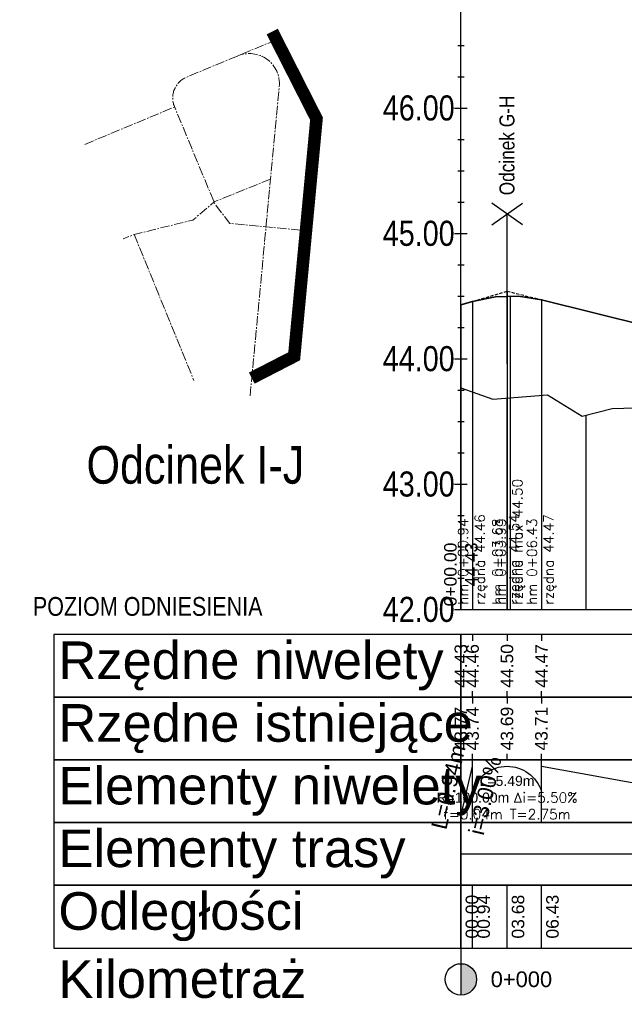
# Model space of a CAD drawing. Header units: metres. Extents: x 0 to 5465380, y 0 to 5925815.
# Tile 138 of 141: x 5465190 to 5465238, y 5925684 to 5925762. Entities that reach past the tile are written whole.
import ezdxf

# ---------------------------------------------------------------- set-up
doc = ezdxf.new("R2010")
doc.units = ezdxf.units.M
doc.linetypes.add('CENTER2', pattern=[1.125, 0.75, -0.125, 0.125, -0.125])
doc.linetypes.add('HIDDEN', pattern=[0.375, 0.25, -0.125])
for name, color, linetype in [('$DR - opis', 1, 'Continuous'), ('$DR - wymiary', 7, 'Continuous'), ('AecObjExplode_rys 1_Vport_D5A', 7, 'Continuous'), ('AecObjExplode_rys 3_Vport_DDD', 7, 'Continuous'), ('AecObjExplode_rys 4_Vport_E22', 7, 'Continuous'), ('C-DROGI-PROFILE', 7, 'Continuous'), ('C-DROGI-PROFILE-ETYKIETY', 7, 'Continuous'), ('C-DROGI-PROFILE-WIDOKI', 7, 'Continuous'), ('C-DROGI-PROFILE-WIDOKI-ETYKIETY', 7, 'Continuous')]:
    doc.layers.add(name, color=color, linetype=linetype)
doc.layers.add('$DR - osie ścieżek', color=7, linetype='CENTER2', lineweight=15)
doc.styles.add('ARIAL 2', font='ARIALN.TTF')
doc.styles.get("Standard").update_dxf_attribs({"font": 'arial.ttf'})

# ---------------------------------------------------------------- blocks, each defined once
blk = doc.blocks.new('kilometraz')
at = {"linetype": 'ByBlock', "lineweight": -2}
blk.add_hatch(color=0, dxfattribs=at).paths.add_polyline_path([(0, -0.5, 0.414214), (0.5, 0, 0.414214), (0, 0.5)])
at = {"color": 0, "linetype": 'ByBlock', "lineweight": -2}
blk.add_line((0, 0.5), (0, -0.5), dxfattribs=at)
blk.add_circle((0, 0), 0.5, dxfattribs=at)
blk = doc.blocks.new('AecObjExplode_rys 1_Vport_D5A')
at = {"layer": 'C-DROGI-PROFILE', "color": 7, "linetype": 'HIDDEN', "lineweight": -3}
for p, q in [((5465226.253, 5925739.73), (5465228.999, 5925740.554)), ((5465228.999, 5925740.554), (5465231.746, 5925739.869))]:
    blk.add_line(p, q, dxfattribs=at)
at = {"layer": 'C-DROGI-PROFILE', "color": 190, "linetype": 'Continuous', "lineweight": 35}
for p, q in [((5465231.746, 5925739.869), (5465254.08, 5925734.296)), ((5465225.318, 5925739.45), (5465226.253, 5925739.73))]:
    blk.add_line(p, q, dxfattribs=at)
at = {"layer": 'C-DROGI-PROFILE', "color": 94, "linetype": 'Continuous', "lineweight": -3}
for p, q in [((5465225.318, 5925732.842), (5465227.867, 5925731.931)), ((5465227.867, 5925731.931), (5465232.217, 5925732.282)), ((5465232.217, 5925732.282), (5465234.987, 5925730.587)), ((5465237.398, 5925731.192), (5465264.337, 5925732.091)), ((5465234.987, 5925730.587), (5465237.398, 5925731.192))]:
    blk.add_line(p, q, dxfattribs=at)
at = {"layer": 'C-DROGI-PROFILE', "color": 4, "linetype": 'Continuous', "lineweight": 35}
blk.add_lwpolyline([(5465226.253, 5925739.73), (5465228.084, 5925740.112), (5465229.915, 5925740.158), (5465231.746, 5925739.869)], dxfattribs=at)
at = {"layer": 'C-DROGI-PROFILE-ETYKIETY', "color": 1, "linetype": 'Continuous', "lineweight": -3}
for p, q in [((5465228.999, 5925740.554), (5465228.999, 5925715.154)), ((5465229.252, 5925740.18), (5465229.252, 5925715.154)), ((5465231.746, 5925739.869), (5465231.746, 5925715.154)), ((5465226.253, 5925739.73), (5465226.253, 5925715.154))]:
    blk.add_line(p, q, dxfattribs=at)
at = {"layer": 'C-DROGI-PROFILE-ETYKIETY', "color": 7, "linetype": 'Continuous', "lineweight": -3}
blk.add_line((5465225.318, 5925739.45), (5465225.318, 5925715.154), dxfattribs=at)
at = {"layer": 'C-DROGI-PROFILE-WIDOKI', "color": 7, "linetype": 'Continuous', "lineweight": -3}
for p, q in [((5465225.318, 5925715.154), (5465225.318, 5925805.154)), ((5465225.068, 5925760.154), (5465225.568, 5925760.154)), ((5465225.068, 5925757.654), (5465225.568, 5925757.654)), ((5465224.818, 5925755.154), (5465225.818, 5925755.154)), ((5465225.068, 5925752.654), (5465225.568, 5925752.654)), ((5465225.068, 5925750.154), (5465225.568, 5925750.154)), ((5465225.068, 5925747.654), (5465225.568, 5925747.654)), ((5465224.818, 5925745.154), (5465225.818, 5925745.154)), ((5465225.068, 5925742.654), (5465225.568, 5925742.654)), ((5465225.068, 5925740.154), (5465225.568, 5925740.154)), ((5465225.068, 5925737.654), (5465225.568, 5925737.654)), ((5465224.818, 5925735.154), (5465225.818, 5925735.154)), ((5465225.068, 5925732.654), (5465225.568, 5925732.654)), ((5465228.999, 5925715.154), (5465228.999, 5925732.023)), ((5465235.318, 5925715.154), (5465235.318, 5925730.67)), ((5465225.068, 5925730.154), (5465225.568, 5925730.154)), ((5465225.068, 5925727.654), (5465225.568, 5925727.654)), ((5465224.818, 5925725.154), (5465225.818, 5925725.154)), ((5465225.068, 5925722.654), (5465225.568, 5925722.654)), ((5465225.068, 5925720.154), (5465225.568, 5925720.154)), ((5465225.068, 5925717.654), (5465225.568, 5925717.654)), ((5465224.818, 5925715.154), (5465378.54, 5925715.154)), ((5465225.318, 5925713.154), (5465225.318, 5925712.654)), ((5465226.253, 5925713.154), (5465226.253, 5925712.654)), ((5465231.746, 5925713.154), (5465231.746, 5925712.654)), ((5465225.318, 5925708.154), (5465225.318, 5925708.654)), ((5465226.253, 5925708.154), (5465226.253, 5925708.654)), ((5465231.746, 5925708.154), (5465231.746, 5925708.654)), ((5465225.318, 5925693.154), (5465225.318, 5925703.154)), ((5465226.253, 5925698.154), (5465226.253, 5925703.154)), ((5465231.746, 5925698.154), (5465231.746, 5925703.154)), ((5465225.318, 5925688.154), (5465225.318, 5925685.654))]:
    blk.add_line(p, q, dxfattribs=at)
at = {"layer": 'C-DROGI-PROFILE-WIDOKI', "color": 8, "linetype": 'Continuous', "lineweight": -3}
blk.add_line((5465225.318, 5925715.154), (5465225.318, 5925732.842), dxfattribs=at)
at = {"layer": 'C-DROGI-PROFILE-WIDOKI', "color": 4, "linetype": 'Continuous', "lineweight": -3}
for p, q in [((5465228.999, 5925713.154), (5465228.999, 5925712.654)), ((5465228.999, 5925708.154), (5465228.999, 5925708.654)), ((5465225.318, 5925698.654), (5465226.253, 5925702.654)), ((5465231.746, 5925702.654), (5465254.08, 5925698.654)), ((5465225.318, 5925695.654), (5465378.54, 5925695.654))]:
    blk.add_line(p, q, dxfattribs=at)
at = {"layer": 'C-DROGI-PROFILE-WIDOKI', "color": 1, "linetype": 'Continuous', "lineweight": -3}
for p, q in [((5465225.318, 5925708.154), (5465225.318, 5925707.654)), ((5465226.253, 5925708.154), (5465226.253, 5925707.654)), ((5465228.999, 5925708.154), (5465228.999, 5925707.654)), ((5465231.746, 5925708.154), (5465231.746, 5925707.654)), ((5465225.318, 5925703.154), (5465225.318, 5925703.654)), ((5465226.253, 5925703.154), (5465226.253, 5925703.654)), ((5465228.999, 5925703.154), (5465228.999, 5925703.654)), ((5465231.746, 5925703.154), (5465231.746, 5925703.654)), ((5465225.318, 5925688.154), (5465225.318, 5925693.154)), ((5465226.253, 5925688.154), (5465226.253, 5925693.154)), ((5465228.999, 5925688.154), (5465228.999, 5925693.154)), ((5465231.746, 5925688.154), (5465231.746, 5925693.154))]:
    blk.add_line(p, q, dxfattribs=at)
at = {"layer": 'C-DROGI-PROFILE-WIDOKI', "color": 4, "linetype": 'Continuous', "lineweight": -3, "extrusion": (0, 0, -1)}
blk.add_arc((-5465228.999, 5925699.768), 2.886, 17.87545, 162.12455, dxfattribs=at)
at = {"layer": 'C-DROGI-PROFILE-WIDOKI', "color": 7, "linetype": 'Continuous', "lineweight": -3}
for points in [[(5465225.318, 5925708.154), (5465225.318, 5925713.154), (5465192.818, 5925713.154), (5465192.818, 5925708.154)], [(5465225.318, 5925708.154), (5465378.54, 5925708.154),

※

### Problem
In the answer, include exactly the lines from the top of the entries through the line containing "import ezdxf", and nothing else, not even the pictures.

### Solution below
# Model space of a CAD drawing. Header units: metres. Extents: x 0 to 5465380, y 0 to 5925815.
# Tile 138 of 141: x 5465190 to 5465238, y 5925684 to 5925762. Entities that reach past the tile are written whole.
import ezdxf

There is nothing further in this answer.